=== Task goal ===
Only the lines holding the word "picture" are wanted; copy each of them from the listing.
=== Begin Enclosure ===
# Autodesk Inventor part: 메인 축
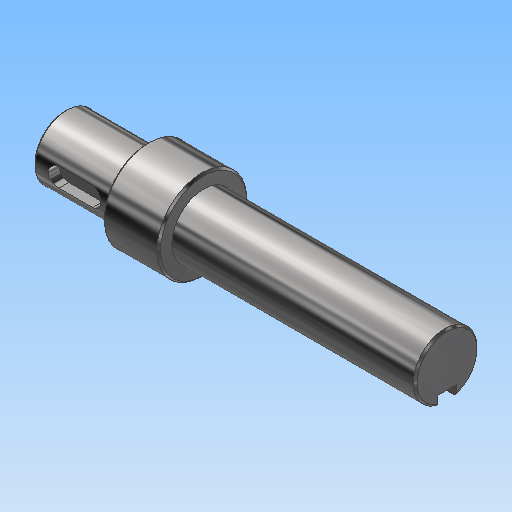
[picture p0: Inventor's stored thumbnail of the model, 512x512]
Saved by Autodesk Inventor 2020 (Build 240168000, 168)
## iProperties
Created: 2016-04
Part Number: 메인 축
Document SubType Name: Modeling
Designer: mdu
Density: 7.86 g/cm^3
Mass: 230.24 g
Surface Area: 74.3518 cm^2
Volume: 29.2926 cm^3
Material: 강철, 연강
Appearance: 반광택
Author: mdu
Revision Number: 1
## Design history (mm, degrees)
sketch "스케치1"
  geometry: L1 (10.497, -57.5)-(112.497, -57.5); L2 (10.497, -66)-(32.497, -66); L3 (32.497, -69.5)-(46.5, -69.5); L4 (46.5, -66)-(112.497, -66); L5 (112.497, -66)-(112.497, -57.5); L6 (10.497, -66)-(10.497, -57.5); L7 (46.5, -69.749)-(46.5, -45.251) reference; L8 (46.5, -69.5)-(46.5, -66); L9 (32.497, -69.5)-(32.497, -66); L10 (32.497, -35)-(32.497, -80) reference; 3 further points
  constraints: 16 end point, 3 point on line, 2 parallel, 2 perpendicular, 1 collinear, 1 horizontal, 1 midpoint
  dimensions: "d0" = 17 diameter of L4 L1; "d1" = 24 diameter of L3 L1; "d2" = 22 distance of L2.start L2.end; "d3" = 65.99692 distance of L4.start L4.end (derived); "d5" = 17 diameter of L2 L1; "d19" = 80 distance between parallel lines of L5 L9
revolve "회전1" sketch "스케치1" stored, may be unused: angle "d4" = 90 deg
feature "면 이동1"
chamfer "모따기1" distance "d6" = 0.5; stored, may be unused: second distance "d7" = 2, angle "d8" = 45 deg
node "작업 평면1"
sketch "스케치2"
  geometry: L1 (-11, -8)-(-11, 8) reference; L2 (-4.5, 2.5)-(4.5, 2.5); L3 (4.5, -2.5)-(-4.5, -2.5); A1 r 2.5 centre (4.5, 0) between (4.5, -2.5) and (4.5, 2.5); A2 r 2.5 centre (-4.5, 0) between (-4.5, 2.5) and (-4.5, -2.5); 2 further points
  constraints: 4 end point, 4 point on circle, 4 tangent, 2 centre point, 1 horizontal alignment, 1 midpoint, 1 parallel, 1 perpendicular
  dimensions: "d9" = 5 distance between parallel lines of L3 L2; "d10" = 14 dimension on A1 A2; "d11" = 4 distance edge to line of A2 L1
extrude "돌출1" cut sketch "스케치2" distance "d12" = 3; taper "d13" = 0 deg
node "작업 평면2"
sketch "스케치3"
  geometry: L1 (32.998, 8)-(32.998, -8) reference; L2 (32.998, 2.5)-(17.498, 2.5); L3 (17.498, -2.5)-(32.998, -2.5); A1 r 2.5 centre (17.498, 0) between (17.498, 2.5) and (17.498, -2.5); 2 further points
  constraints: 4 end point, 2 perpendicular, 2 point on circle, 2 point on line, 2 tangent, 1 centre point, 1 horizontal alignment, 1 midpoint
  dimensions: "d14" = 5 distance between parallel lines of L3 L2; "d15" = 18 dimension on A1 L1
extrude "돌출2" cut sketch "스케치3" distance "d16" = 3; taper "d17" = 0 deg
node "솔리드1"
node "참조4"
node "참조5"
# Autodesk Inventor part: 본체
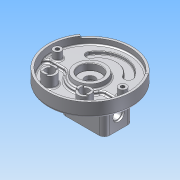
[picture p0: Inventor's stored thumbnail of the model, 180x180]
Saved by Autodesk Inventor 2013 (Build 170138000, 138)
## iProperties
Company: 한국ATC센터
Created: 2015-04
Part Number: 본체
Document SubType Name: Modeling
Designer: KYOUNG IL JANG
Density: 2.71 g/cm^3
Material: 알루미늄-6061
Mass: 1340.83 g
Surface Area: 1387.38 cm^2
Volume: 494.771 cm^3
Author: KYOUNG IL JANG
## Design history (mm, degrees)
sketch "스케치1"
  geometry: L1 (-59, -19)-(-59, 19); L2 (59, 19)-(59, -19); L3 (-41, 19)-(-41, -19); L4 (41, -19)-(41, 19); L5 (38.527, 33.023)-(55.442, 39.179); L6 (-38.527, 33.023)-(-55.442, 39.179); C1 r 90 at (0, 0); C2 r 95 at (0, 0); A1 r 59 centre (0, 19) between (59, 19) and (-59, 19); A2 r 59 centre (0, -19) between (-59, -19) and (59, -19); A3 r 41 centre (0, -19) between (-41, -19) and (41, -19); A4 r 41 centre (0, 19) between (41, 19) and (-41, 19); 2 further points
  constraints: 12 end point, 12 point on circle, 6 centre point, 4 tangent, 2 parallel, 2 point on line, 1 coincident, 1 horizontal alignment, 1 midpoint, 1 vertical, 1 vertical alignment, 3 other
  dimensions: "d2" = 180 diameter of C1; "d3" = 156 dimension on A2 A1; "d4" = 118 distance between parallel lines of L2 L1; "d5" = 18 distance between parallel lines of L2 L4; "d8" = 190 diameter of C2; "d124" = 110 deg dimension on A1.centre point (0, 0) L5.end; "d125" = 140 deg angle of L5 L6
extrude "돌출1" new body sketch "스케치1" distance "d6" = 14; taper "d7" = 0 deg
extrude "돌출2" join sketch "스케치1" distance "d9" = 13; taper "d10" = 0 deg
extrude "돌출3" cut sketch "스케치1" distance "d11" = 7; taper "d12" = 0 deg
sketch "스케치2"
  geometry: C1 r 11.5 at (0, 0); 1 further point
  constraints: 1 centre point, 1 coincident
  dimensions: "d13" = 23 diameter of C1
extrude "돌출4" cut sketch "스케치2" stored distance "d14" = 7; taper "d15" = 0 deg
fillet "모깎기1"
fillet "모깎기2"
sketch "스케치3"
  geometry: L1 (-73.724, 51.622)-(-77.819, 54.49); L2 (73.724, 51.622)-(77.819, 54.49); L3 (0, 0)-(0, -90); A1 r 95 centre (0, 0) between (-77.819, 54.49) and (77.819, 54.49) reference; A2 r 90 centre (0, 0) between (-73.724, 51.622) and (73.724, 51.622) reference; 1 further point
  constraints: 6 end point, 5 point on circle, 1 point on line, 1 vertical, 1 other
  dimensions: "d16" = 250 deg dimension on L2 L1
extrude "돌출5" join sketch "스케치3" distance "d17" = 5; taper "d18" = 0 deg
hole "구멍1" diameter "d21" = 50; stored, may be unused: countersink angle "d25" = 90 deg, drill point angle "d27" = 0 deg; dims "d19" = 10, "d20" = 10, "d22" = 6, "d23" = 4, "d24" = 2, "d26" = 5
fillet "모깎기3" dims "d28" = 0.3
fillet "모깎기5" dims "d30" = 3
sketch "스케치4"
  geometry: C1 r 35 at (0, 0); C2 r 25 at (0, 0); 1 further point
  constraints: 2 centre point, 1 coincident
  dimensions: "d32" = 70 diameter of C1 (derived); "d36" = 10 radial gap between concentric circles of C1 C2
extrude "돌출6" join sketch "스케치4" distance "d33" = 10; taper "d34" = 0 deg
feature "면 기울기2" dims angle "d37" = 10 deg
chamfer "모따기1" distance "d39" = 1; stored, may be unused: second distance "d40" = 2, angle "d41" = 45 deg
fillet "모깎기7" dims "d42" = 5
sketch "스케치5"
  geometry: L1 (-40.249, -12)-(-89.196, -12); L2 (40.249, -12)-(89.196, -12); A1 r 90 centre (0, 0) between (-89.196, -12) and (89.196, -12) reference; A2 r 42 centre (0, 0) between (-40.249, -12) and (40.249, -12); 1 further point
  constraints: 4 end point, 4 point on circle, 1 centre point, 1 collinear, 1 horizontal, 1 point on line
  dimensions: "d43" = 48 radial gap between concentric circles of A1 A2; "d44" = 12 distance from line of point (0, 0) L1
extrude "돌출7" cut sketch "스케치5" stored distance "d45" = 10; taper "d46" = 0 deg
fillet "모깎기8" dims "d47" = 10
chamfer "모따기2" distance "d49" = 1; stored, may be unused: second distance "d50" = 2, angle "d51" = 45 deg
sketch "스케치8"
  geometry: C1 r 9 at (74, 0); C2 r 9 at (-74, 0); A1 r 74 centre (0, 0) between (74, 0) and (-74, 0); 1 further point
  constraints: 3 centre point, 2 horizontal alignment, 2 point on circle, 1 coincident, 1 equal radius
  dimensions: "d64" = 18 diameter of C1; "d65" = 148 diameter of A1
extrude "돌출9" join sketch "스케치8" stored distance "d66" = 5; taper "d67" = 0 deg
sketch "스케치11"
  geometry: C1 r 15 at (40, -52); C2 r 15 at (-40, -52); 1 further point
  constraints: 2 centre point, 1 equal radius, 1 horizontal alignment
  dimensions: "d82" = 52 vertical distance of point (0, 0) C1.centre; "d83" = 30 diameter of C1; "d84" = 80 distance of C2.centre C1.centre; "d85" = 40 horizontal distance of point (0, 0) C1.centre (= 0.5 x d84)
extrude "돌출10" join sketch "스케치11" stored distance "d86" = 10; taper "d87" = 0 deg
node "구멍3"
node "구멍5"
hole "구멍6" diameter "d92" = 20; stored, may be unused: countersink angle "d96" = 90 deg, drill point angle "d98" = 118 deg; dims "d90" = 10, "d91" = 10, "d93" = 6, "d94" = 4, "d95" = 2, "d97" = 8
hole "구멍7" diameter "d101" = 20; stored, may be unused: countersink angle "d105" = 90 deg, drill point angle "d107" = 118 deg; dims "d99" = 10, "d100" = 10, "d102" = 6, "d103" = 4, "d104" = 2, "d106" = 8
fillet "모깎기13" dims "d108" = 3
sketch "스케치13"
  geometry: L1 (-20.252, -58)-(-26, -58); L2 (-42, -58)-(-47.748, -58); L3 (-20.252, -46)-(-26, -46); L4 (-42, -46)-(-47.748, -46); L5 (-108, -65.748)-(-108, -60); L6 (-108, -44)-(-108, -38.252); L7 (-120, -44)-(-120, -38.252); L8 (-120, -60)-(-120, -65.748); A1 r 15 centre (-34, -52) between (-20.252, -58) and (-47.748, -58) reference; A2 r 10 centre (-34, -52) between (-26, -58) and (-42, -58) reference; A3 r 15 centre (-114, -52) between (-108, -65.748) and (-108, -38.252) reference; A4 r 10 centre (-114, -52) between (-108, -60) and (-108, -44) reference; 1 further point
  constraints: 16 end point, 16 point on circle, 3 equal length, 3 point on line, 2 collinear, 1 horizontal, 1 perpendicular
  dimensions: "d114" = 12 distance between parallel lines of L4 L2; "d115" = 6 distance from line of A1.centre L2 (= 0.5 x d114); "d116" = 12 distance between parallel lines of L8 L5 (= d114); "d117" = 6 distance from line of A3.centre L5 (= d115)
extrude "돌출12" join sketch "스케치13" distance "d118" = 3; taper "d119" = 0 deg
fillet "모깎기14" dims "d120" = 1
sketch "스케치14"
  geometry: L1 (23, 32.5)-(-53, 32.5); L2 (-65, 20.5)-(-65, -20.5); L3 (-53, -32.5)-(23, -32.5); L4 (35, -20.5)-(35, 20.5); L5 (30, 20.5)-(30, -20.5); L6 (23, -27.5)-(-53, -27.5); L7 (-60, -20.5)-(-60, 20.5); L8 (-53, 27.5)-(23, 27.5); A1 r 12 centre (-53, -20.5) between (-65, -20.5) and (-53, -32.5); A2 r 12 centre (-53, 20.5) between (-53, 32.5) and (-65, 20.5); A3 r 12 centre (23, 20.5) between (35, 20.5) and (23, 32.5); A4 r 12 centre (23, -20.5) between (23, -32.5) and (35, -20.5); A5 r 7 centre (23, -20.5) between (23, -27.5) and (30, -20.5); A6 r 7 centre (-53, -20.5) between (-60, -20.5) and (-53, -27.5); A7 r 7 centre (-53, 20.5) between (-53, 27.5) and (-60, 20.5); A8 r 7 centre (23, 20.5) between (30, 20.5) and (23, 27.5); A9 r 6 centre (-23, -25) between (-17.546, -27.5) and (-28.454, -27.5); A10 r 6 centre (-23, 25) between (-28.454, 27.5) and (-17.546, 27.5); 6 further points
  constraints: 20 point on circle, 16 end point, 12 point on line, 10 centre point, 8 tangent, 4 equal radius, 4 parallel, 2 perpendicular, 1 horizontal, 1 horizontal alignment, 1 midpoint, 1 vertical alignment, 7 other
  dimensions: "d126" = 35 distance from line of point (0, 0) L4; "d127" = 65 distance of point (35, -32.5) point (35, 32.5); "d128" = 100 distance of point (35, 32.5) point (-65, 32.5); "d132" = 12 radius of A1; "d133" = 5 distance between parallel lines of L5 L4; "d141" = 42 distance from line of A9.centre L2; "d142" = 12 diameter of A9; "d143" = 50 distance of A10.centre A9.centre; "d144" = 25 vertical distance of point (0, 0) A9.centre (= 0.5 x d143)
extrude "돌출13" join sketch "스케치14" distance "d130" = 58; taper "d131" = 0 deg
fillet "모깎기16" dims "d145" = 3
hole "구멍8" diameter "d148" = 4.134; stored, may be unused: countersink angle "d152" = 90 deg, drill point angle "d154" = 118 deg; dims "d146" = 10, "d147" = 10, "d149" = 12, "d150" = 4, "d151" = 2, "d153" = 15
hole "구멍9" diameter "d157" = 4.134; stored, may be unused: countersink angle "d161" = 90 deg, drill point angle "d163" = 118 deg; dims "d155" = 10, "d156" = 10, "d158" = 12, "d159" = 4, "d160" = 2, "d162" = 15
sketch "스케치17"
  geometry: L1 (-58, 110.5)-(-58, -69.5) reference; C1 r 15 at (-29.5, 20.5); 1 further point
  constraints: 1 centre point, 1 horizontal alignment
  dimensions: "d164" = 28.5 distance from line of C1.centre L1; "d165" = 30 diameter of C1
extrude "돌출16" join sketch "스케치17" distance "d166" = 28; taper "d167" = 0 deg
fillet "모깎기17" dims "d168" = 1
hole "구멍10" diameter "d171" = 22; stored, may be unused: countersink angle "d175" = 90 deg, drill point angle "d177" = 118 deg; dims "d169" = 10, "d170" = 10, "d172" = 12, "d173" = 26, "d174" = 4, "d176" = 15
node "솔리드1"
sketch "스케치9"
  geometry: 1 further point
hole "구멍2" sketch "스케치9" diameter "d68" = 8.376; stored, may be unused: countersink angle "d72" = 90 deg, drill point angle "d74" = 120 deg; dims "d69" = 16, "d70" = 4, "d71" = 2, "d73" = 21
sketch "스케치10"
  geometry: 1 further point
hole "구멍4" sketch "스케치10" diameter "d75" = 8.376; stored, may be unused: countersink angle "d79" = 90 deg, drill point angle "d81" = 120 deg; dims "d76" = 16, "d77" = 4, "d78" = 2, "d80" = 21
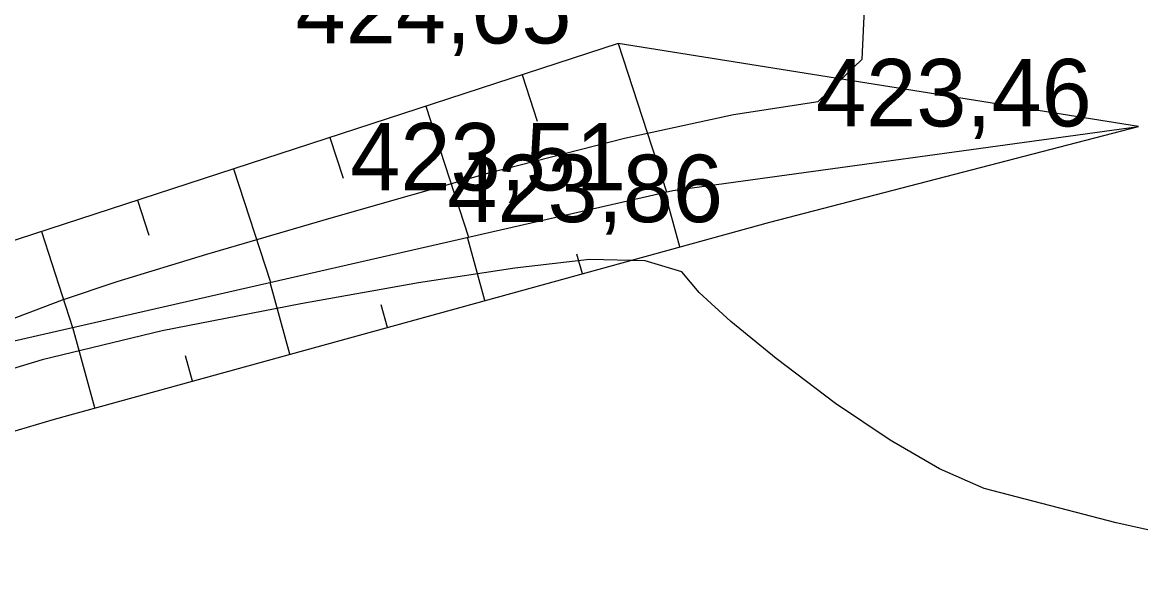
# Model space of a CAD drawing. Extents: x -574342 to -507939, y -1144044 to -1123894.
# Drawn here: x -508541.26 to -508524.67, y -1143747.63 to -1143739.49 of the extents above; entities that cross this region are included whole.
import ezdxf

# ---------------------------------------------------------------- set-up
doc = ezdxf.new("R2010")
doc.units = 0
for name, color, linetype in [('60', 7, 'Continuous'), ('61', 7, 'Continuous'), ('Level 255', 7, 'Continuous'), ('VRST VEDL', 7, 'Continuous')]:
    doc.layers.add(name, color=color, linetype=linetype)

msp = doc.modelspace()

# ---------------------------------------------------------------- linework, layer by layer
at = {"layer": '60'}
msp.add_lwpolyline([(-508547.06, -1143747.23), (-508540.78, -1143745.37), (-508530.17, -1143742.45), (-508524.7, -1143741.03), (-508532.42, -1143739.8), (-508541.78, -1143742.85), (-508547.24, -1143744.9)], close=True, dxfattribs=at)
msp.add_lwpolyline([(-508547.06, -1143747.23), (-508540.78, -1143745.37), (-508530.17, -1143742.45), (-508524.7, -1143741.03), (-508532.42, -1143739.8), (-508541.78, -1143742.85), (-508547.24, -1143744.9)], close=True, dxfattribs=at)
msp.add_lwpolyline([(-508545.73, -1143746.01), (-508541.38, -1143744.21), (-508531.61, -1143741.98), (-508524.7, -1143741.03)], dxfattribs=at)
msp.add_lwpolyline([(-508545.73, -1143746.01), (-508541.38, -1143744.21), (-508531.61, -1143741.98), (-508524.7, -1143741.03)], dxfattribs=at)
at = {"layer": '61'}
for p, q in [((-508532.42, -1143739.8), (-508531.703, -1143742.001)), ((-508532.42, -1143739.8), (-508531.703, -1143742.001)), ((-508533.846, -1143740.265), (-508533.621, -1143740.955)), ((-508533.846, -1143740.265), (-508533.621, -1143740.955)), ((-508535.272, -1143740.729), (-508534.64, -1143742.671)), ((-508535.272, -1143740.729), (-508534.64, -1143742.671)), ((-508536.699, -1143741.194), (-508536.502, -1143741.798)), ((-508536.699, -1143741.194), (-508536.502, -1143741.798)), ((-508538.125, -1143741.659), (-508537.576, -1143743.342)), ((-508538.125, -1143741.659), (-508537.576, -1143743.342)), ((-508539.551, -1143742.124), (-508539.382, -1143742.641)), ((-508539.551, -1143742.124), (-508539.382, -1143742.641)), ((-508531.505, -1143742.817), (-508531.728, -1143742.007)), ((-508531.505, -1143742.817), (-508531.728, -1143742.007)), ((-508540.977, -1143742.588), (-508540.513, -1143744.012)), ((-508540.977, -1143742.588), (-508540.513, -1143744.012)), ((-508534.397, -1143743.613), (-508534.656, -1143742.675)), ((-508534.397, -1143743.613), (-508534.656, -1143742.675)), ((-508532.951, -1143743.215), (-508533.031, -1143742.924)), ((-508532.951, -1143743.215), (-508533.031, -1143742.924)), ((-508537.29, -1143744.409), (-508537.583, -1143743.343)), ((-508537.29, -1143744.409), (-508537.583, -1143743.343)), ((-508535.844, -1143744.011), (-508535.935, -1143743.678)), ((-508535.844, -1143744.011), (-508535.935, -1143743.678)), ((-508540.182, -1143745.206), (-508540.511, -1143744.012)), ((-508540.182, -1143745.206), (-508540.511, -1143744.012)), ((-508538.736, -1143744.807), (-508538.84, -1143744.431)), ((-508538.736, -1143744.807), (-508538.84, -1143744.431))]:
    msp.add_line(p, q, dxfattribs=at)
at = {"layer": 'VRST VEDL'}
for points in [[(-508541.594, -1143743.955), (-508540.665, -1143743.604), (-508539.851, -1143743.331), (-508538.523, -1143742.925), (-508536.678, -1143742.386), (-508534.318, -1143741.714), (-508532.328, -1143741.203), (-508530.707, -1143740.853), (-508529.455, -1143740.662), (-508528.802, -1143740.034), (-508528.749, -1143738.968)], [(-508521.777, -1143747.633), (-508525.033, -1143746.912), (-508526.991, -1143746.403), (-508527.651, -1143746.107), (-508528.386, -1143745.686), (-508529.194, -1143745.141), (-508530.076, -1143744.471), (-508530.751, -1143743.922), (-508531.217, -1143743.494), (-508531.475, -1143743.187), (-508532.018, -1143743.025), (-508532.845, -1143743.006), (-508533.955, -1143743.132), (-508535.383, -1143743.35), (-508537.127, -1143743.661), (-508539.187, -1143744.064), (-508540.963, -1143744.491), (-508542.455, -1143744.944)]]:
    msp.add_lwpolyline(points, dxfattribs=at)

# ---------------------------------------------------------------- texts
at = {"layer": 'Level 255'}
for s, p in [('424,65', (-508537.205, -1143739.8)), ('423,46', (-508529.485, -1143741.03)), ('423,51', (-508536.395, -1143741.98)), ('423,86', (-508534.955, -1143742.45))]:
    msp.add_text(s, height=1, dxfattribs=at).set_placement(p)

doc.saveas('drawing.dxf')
=== End Enclosure ===
=== Response below ===
[picture p0: Inventor's stored thumbnail of the model, 512x512]
[picture p0: Inventor's stored thumbnail of the model, 180x180]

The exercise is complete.